Pero también es exigente: ahora es el tiempo de la paciencia pero, en el momento definitivo, el trigo será separado de la cizaña (Mt 13,24-30.36-43) y los peces buenos de los malos (Mt 13,47-50). Los invitados que rechazaron acudir a la cena no serán admitidos e incluso serán castigados (Mt 22,1-10; Lc 14,15-24). El que acuda sin traje de fiesta también será rechazado (Mt 22,11-14). Los que no se esfuercen por entrar por la puerta estrecha se quedarán fuera (Mt 7,13-14.21-23; Lc 13,24-28). Cuando llegue el dueño de casa en medio de la noche, castigará con rigor al siervo malvado (Mt 24,51; Lc 12,46). Pedirá cuentas de cómo hemos usado los talentos recibidos y castigará a los holgazanes (Mt 25,14-30; Lc 19,11-27). Por eso, al que no tiene (es decir, al que no ha cultivado los talentos recibidos a favor de los otros) se le quitará incluso lo que cree tener (Mc 4,25; Lc 8,18). Especialmente juzgará con severidad si hemos ayudado a los más débiles y necesitados o si los hemos ignorado (Mt 25, 31-46; Lc 16,19-31).
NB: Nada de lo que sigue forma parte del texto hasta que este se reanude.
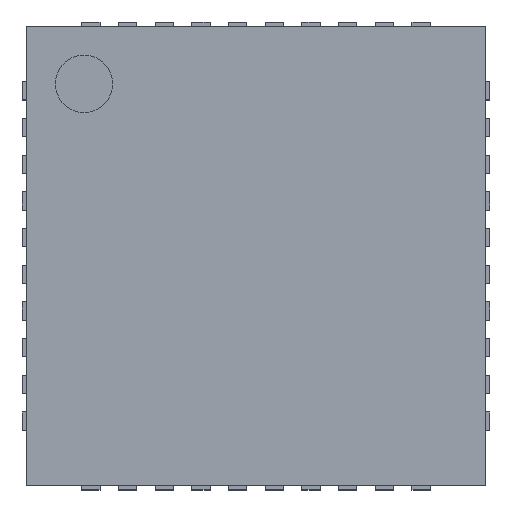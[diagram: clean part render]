
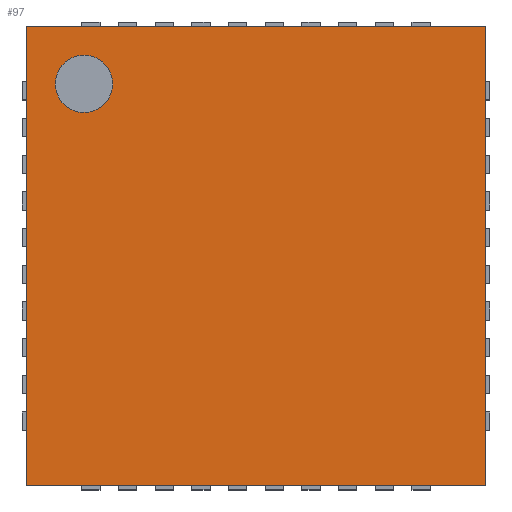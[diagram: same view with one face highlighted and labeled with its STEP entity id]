
A CAD part, top view. The second image highlights one B-rep face of the part: STEP entity #97.
In plain terms, the highlighted planar face has unit normal (0, 0, 1).
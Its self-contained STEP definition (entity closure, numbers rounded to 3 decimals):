
#30=EDGE_CURVE('',#31,#33,#35,.T.);
#31=VERTEX_POINT('',#32);
#32=CARTESIAN_POINT('',(-2.5,-2.5,0.55));
#33=VERTEX_POINT('',#34);
#34=CARTESIAN_POINT('',(-2.5,2.5,0.55));
#35=LINE('',#36,#37);
#36=CARTESIAN_POINT('',(-2.5,-2.5,0.55));
#37=VECTOR('',#38,1.0);
#38=DIRECTION('',(0.0,1.0,0.0));
#73=VERTEX_POINT('',#74);
#74=CARTESIAN_POINT('',(2.5,-2.5,0.55));
#80=EDGE_CURVE('',#73,#31,#81,.F.);
#81=LINE('',#82,#83);
#82=CARTESIAN_POINT('',(-2.5,-2.5,0.55));
#83=VECTOR('',#84,1.0);
#84=DIRECTION('',(1.0,0.0,0.0));
#97=ADVANCED_FACE('',(#98,#116),#127,.T.);
#98=FACE_BOUND('',#99,.T.);
#99=EDGE_LOOP('',(#100,#101,#102,#110));
#100=ORIENTED_EDGE('',*,*,#30,.F.);
#101=ORIENTED_EDGE('',*,*,#80,.F.);
#102=ORIENTED_EDGE('',*,*,#103,.T.);
#103=EDGE_CURVE('',#73,#104,#106,.T.);
#104=VERTEX_POINT('',#105);
#105=CARTESIAN_POINT('',(2.5,2.5,0.55));
#106=LINE('',#107,#108);
#107=CARTESIAN_POINT('',(2.5,-2.5,0.55));
#108=VECTOR('',#109,1.0);
#109=DIRECTION('',(0.0,1.0,0.0));
#110=ORIENTED_EDGE('',*,*,#111,.T.);
#111=EDGE_CURVE('',#104,#33,#112,.F.);
#112=LINE('',#113,#114);
#113=CARTESIAN_POINT('',(-2.5,2.5,0.55));
#114=VECTOR('',#115,1.0);
#115=DIRECTION('',(1.0,0.0,0.0));
#116=FACE_BOUND('',#117,.T.);
#117=EDGE_LOOP('',(#118));
#118=ORIENTED_EDGE('',*,*,#119,.T.);
#119=EDGE_CURVE('',#120,#120,#122,.F.);
#120=VERTEX_POINT('',#121);
#121=CARTESIAN_POINT('',(-1.563,1.875,0.55));
#122=CIRCLE('',#123,0.313);
#123=AXIS2_PLACEMENT_3D('',#124,#125,#126);
#124=CARTESIAN_POINT('',(-1.875,1.875,0.55));
#125=DIRECTION('',(0.0,0.0,1.0));
#126=DIRECTION('',(1.0,0.0,0.0));
#127=PLANE('',#128);
#128=AXIS2_PLACEMENT_3D('',#129,#130,#131);
#129=CARTESIAN_POINT('',(-2.5,-2.5,0.55));
#130=DIRECTION('',(0.0,0.0,1.0));
#131=DIRECTION('',(1.0,0.0,0.0));

Por eso el anuncio de la llegada del reino va siempre acompañado por una llamada a la conversión: «Convertíos, porque el tiempo se ha cumplido y el reino de Dios está cerca» (Mc 1,15).
Las parábolas anuncian que el reino de Dios llega para todos y que es gratuito, precisamente porque es tan valioso que los hombres no pueden adquirirlo por sí mismos. Solo lo pueden tener si lo reciben de Dios mismo, conscientes de que su valor sobrepasa todo lo que nosotros podemos aportar o merecer. Es un tesoro o una perla de gran valor (Mt 13,44-46). Pero, cuando lo descubrimos, tenemos que poner lo que está de nuestra parte por adquirirlo y conservarlo. Las parábolas enseñan cómo tenemos que comportarnos: como las vírgenes prudentes que esperan en vela (Mt 25,1-13), como el samaritano que cuida del prójimo (Lc 10,25-37), como el publicano que se reconoce necesitado de misericordia (Lc 18,9-14), dispuestos a perdonar para poder recibir el perdón de Dios (Mt 18,21-35)… Hoy somos muy sensibles a las parábolas de la misericordia, pero tendemos a olvidar aquéllas que nos hablan de exigencias y del juicio. De esa manera, se falsifica el mensaje de Jesús, no presentándolo entero.